--- ENTRIES PROVIDED ---
========

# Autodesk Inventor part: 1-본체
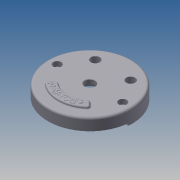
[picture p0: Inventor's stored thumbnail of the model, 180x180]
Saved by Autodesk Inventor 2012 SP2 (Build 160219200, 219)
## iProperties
Created: 2015-04
Part Number: 1-본체
Material: 알루미늄-6061
Document SubType Name: Modeling
Designer: Administrator
Density: 2.71 g/cm^3
Mass: 1043.31 g
Surface Area: 1023.34 cm^2
Volume: 384.984 cm^3
Author: Administrator
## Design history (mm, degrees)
sketch "스케치1"
  geometry: C1 r 95 at (0, 0); 1 further point
  constraints: 1 centre point, 1 coincident
  dimensions: "d0" = 190 diameter of C1
extrude "돌출1" new body sketch "스케치1" distance "d1" = 32; taper "d2" = 0 deg
sketch "스케치4"
  geometry: C1 r 95 at (0, 0) reference; C2 r 90 at (0, 0)
  constraints: 1 centre point, 1 coincident
  dimensions: "d14" = 180 diameter of C2
extrude "돌출3" cut sketch "스케치4" distance "d15" = 18; taper "d16" = 0 deg
sketch "스케치5"
  geometry: L1 (-95, 0)-(95, 0); L2 (0, 0)-(-89.658, -7.844); L3 (0, 0)-(89.658, -7.844); L4 (89.658, -7.844)-(94.638, -8.28); L5 (-89.658, -7.844)-(-94.638, -8.28); A1 r 90 centre (0, 0) between (89.658, -7.844) and (-89.658, -7.844) reference; A2 r 95 centre (0, 0) between (-95, 0) and (95, 0) reference
  constraints: 10 end point, 6 point on circle, 2 collinear, 1 coincident, 1 horizontal, 1 midpoint
  dimensions: "d17" = 5 deg angle of L3 L1; "d18" = 5 deg angle of L2 L1
extrude "돌출4" cut sketch "스케치5" distance "d19" = 5; taper "d20" = 0 deg
sketch "스케치6"
  geometry: L1 (-89.196, 12)-(-76.916, 12); L2 (40.249, 12)-(47.117, 12); L3 (-76.916, 12)-(-47.117, 12); L4 (-47.117, 12)-(-40.249, 12); L5 (47.117, 12)-(76.916, 12); L6 (76.916, 12)-(89.196, 12); A1 r 90 centre (0, 0) between (-89.196, 12) and (89.196, 12) reference; A2 r 42 centre (0, 0) between (-38.056, 17.769) and (38.056, 17.769); A3 r 10 centre (-76.916, 22) between (-86.53, 24.75) and (-76.916, 12); A4 r 10 centre (-47.117, 22) between (-47.117, 12) and (-38.056, 17.769); A5 r 10 centre (47.117, 22) between (38.056, 17.769) and (47.117, 12); A6 r 10 centre (76.916, 22) between (76.916, 12) and (86.53, 24.75); A7 r 90 centre (0, 0) between (89.658, -7.844) and (-89.658, -7.844) reference; A8 r 10 centre (-76.916, 22) between (-76.916, 12) and (-86.53, 24.75); A9 r 10 centre (-47.117, 22) between (-38.056, 17.769) and (-47.117, 12); A10 r 10 centre (47.117, 22) between (47.117, 12) and (38.056, 17.769); A11 r 10 centre (76.916, 22) between (86.53, 24.75) and (76.916, 12); A12 r 42 centre (0, 0) between (38.056, 17.769) and (-38.056, 17.769); 4 further points
  constraints: 26 point on circle, 16 tangent, 12 end point, 10 centre point, 6 horizontal, 4 midpoint, 2 point on line, 1 coincident, 1 horizontal alignment
  dimensions: "d21" = 84 diameter of A2; "d23" = 20 diameter of A3; "d24" = 20 diameter of A4; "d25" = 20 diameter of A5; "d26" = 20 diameter of A6; "d29" = 12 vertical distance of point (-62.016, 12) A1.centre
extrude "돌출5" cut sketch "스케치6" distance "d30" = 7; taper "d31" = 0 deg
sketch "스케치7"
  geometry: C1 r 35 at (0, 0); A1 r 42 centre (0, 0) between (38.056, 17.769) and (-38.056, 17.769) reference
  constraints: 1 centre point, 1 coincident
  dimensions: "d32" = 70 diameter of C1
extrude "돌출6" join sketch "스케치7" distance "d33" = 10; taper "d34" = -10 deg
sketch "스케치8"
  geometry: L1 (47.117, 12)-(76.916, 12) reference; L2 (0, 95)-(0, 0); C1 r 15 at (-40, 52); C2 r 15 at (40, 52); A1 r 42 centre (0, 0) between (38.056, 17.769) and (-38.056, 17.769) reference
  constraints: 2 centre point, 2 end point, 1 horizontal alignment, 1 perpendicular, 1 symmetric about line, 1 vertical alignment, 1 other
  dimensions: "d35" = 30 diameter of C1; "d36" = 30 diameter of C2; "d37" = 52 vertical distance of A1.centre C2.centre; "d38" = 80 distance of C2.centre C1.centre
extrude "돌출7" join sketch "스케치8" distance "d39" = 25; taper "d40" = 0 deg
sketch "스케치9"
  geometry: L1 (-47.117, 12)-(-76.916, 12) reference; L2 (0, 0)-(0, -95); C1 r 35 at (0, 0) reference; C2 r 9 at (-74, 0); C3 r 9 at (74, 0)
  constraints: 2 centre point, 2 end point, 2 horizontal alignment, 1 perpendicular, 1 symmetric about line, 1 vertical alignment, 1 other
  dimensions: "d41" = 18 diameter of C2; "d42" = 18 diameter of C3; "d43" = 148 distance of C3.centre C2.centre
extrude "돌출8" join sketch "스케치9" distance "d44" = 18; taper "d45" = 0 deg
sketch "스케치10"
  geometry: L1 (-47.117, 12)-(-76.916, 12) reference; L2 (0, 0)-(90, 0); L3 (0, 0)-(0, -95); C1 r 35 at (0, 0) reference; A1 r 90 centre (0, 0) between (-86.53, 24.75) and (86.53, 24.75) reference; A2 r 59 centre (0, -19) between (0, -78) and (58.704, -13.1); A3 r 41 centre (0, -19) between (0, -60) and (40.794, -14.9); A4 r 9 centre (-49.749, -14) between (-40.794, -14.9) and (-58.704, -13.1); A5 r 9 centre (49.749, -14) between (58.704, -13.1) and (40.794, -14.9); A6 r 59 centre (0, -19) between (-58.704, -13.1) and (0, -78); A7 r 59 centre (0, -19) between (58.704, -13.1) and (-58.704, -13.1); A8 r 41 centre (0, -19) between (-40.794, -14.9) and (0, -60); A9 r 41 centre (0, -19) between (40.794, -14.9) and (-40.794, -14.9); A10 r 9 centre (-49.749, -14) between (-58.704, -13.1) and (-40.794, -14.9); A11 r 9 centre (49.749, -14) between (40.794, -14.9) and (58.704, -13.1); 1 further point
  constraints: 21 point on circle, 10 centre point, 4 end point, 3 point on line, 2 tangent, 1 coincident, 1 horizontal alignment, 1 parallel, 1 perpendicular, 1 vertical alignment, 1 other
  dimensions: "d46" = 118 diameter of A2; "d47" = 82 diameter of A3; "d48" = 19 distance of A2.centre C1.centre; "d49" = 18 diameter of A4; "d50" = 18 diameter of A5; "d51" = 5 vertical distance of A5.centre A2.centre
extrude "돌출9" cut sketch "스케치10" distance "d52" = 7; taper "d53" = 0 deg
hole "구멍1" diameter "d56" = 20; stored, may be unused: countersink angle "d60" = 90 deg, drill point angle "d62" = 118 deg; dims "d54" = 10, "d55" = 10, "d57" = 6, "d58" = 4, "d59" = 2, "d61" = 8
hole "구멍2" diameter "d65" = 20; stored, may be unused: countersink angle "d69" = 90 deg, drill point angle "d71" = 118 deg; dims "d63" = 10, "d64" = 10, "d66" = 6, "d67" = 4, "d68" = 2, "d70" = 8
sketch "스케치11"
  geometry: C1 r 9 at (-74, 0) reference; C2 r 9 at (74, 0) reference; 2 further points
  constraints: 2 coincident
hole "구멍3" sketch "스케치11" at (-74, 0), (74, 0) diameter "d72" = 11; stored, may be unused: countersink angle "d76" = 90 deg, drill point angle "d78" = 118 deg; dims "d73" = 6, "d74" = 18, "d75" = 11, "d77" = 8
hole "구멍4" diameter "d81" = 50; stored, may be unused: countersink angle "d85" = 90 deg, drill point angle "d87" = 0 deg; dims "d79" = 10, "d80" = 10, "d82" = 6, "d83" = 4, "d84" = 2, "d86" = 15
hole "구멍5" diameter "d90" = 23; stored, may be unused: countersink angle "d94" = 90 deg, drill point angle "d96" = 0 deg; dims "d88" = 10, "d89" = 10, "d91" = 6, "d92" = 4, "d93" = 2, "d95" = 15
sketch "스케치12"
  geometry: L1 (0, 0)-(-36.062, -36.062); L2 (0, 0)-(36.062, -36.062); L3 (-39.44, -39.44)-(-47.244, -47.244); L4 (39.44, -39.44)-(47.244, -47.244); C1 r 11.5 at (0, 0) reference; A1 r 51 centre (0, 0) between (-32.699, -39.138) and (32.699, -39.138); A2 r 72 centre (0, 0) between (-46.97, -54.569) and (46.97, -54.569); A3 r 5 centre (-43.709, -50.78) between (-47.244, -47.244) and (-46.97, -54.569); A4 r 5 centre (-35.904, -42.975) between (-32.699, -39.138) and (-39.44, -39.44); A5 r 5 centre (35.904, -42.975) between (39.44, -39.44) and (32.699, -39.138); A6 r 5 centre (43.709, -50.78) between (46.97, -54.569) and (47.244, -47.244); 2 further points
  constraints: 16 point on circle, 8 end point, 8 tangent, 6 centre point, 4 point on line, 3 equal radius, 2 coincident, 2 collinear, 1 horizontal alignment
  dimensions: "d97" = 102 diameter of A1; "d99" = 90 deg angle of L2 L1; "d100" = 72 radius of A2; "d101" = 5 radius of A3
extrude "돌출10" join sketch "스케치12" distance "d102" = 5; taper "d103" = 0 deg
sketch "스케치13"
  geometry: C1 r 68 at (0, 0); A1 r 72 centre (0, 0) between (-46.97, -54.569) and (46.97, -54.569) reference
  constraints: 1 centre point, 1 coincident, 1 other
  dimensions: "d104" = 136 diameter of C1
feature "엠보싱1" sketch "스케치13" dims "d2" = 0, "d105" = 0.5, "d106" = 0
sketch "스케치14"
  geometry: L1 (-6, 13.748)-(-6, -13.748); L2 (6, 13.748)-(6, -13.748); L3 (66.252, 6)-(93.748, 6); L4 (66.252, -6)-(93.748, -6); L5 (0, 0)-(0, -15); L6 (80, 0)-(95, 0); C1 r 10 at (80, 0) reference; A1 r 15 centre (0, 0) between (-6, 13.748) and (-6, -13.748) reference; A2 r 15 centre (80, 0) between (66.252, 6) and (93.748, 6) reference; 1 further point
  constraints: 12 end point, 10 point on circle, 4 perpendicular, 1 horizontal, 1 vertical, 2 other
  dimensions: "d107" = 12 distance between parallel lines of L2 L1; "d108" = 12 distance between parallel lines of L4 L3
extrude "돌출11" cut sketch "스케치14" distance "d109" = 3; taper "d110" = 0 deg
fillet "모깎기1" dims "d111" = 3
fillet "모깎기2" dims "d112" = 2
fillet "모깎기3" dims "d113" = 5
fillet "모깎기4" dims "d114" = 0.3
fillet "모깎기5" dims "d115" = 3
chamfer "모따기1" distance "d116" = 1; stored, may be unused: second distance "d117" = 2, angle "d118" = 45 deg
fillet "모깎기6" dims "d119" = 3
fillet "모깎기7" dims "d120" = 1
chamfer "모따기2" distance "d121" = 1; stored, may be unused: second distance "d122" = 2, angle "d123" = 45 deg
node "솔리드1"
node "투영된 루프3"
other parameters: "d8" = 12, "d98" = 144

========

Reproduce the records exactly, starting with their first line and ending with the line that contains "geometry: L1 (-95, 0)-(95, 0);", though pictures should be dropped.

--- TASK RESPONSE ---
# Autodesk Inventor part: 1-본체
[picture p0: Inventor's stored thumbnail of the model, 180x180]
Saved by Autodesk Inventor 2012 SP2 (Build 160219200, 219)
## iProperties
Created: 2015-04
Part Number: 1-본체
Material: 알루미늄-6061
Document SubType Name: Modeling
Designer: Administrator
Density: 2.71 g/cm^3
Mass: 1043.31 g
Surface Area: 1023.34 cm^2
Volume: 384.984 cm^3
Author: Administrator
## Design history (mm, degrees)
sketch "스케치1"
  geometry: C1 r 95 at (0, 0); 1 further point
  constraints: 1 centre point, 1 coincident
  dimensions: "d0" = 190 diameter of C1
extrude "돌출1" new body sketch "스케치1" distance "d1" = 32; taper "d2" = 0 deg
sketch "스케치4"
  geometry: C1 r 95 at (0, 0) reference; C2 r 90 at (0, 0)
  constraints: 1 centre point, 1 coincident
  dimensions: "d14" = 180 diameter of C2
extrude "돌출3" cut sketch "스케치4" distance "d15" = 18; taper "d16" = 0 deg
sketch "스케치5"
  geometry: L1 (-95, 0)-(95, 0); L2 (0, 0)-(-89.658, -7.844); L3 (0, 0)-(89.658, -7.844); L4 (89.658, -7.844)-(94.638, -8.28); L5 (-89.658, -7.844)-(-94.638, -8.28); A1 r 90 centre (0, 0) between (89.658, -7.844) and (-89.658, -7.844) reference; A2 r 95 centre (0, 0) between (-95, 0) and (95, 0) reference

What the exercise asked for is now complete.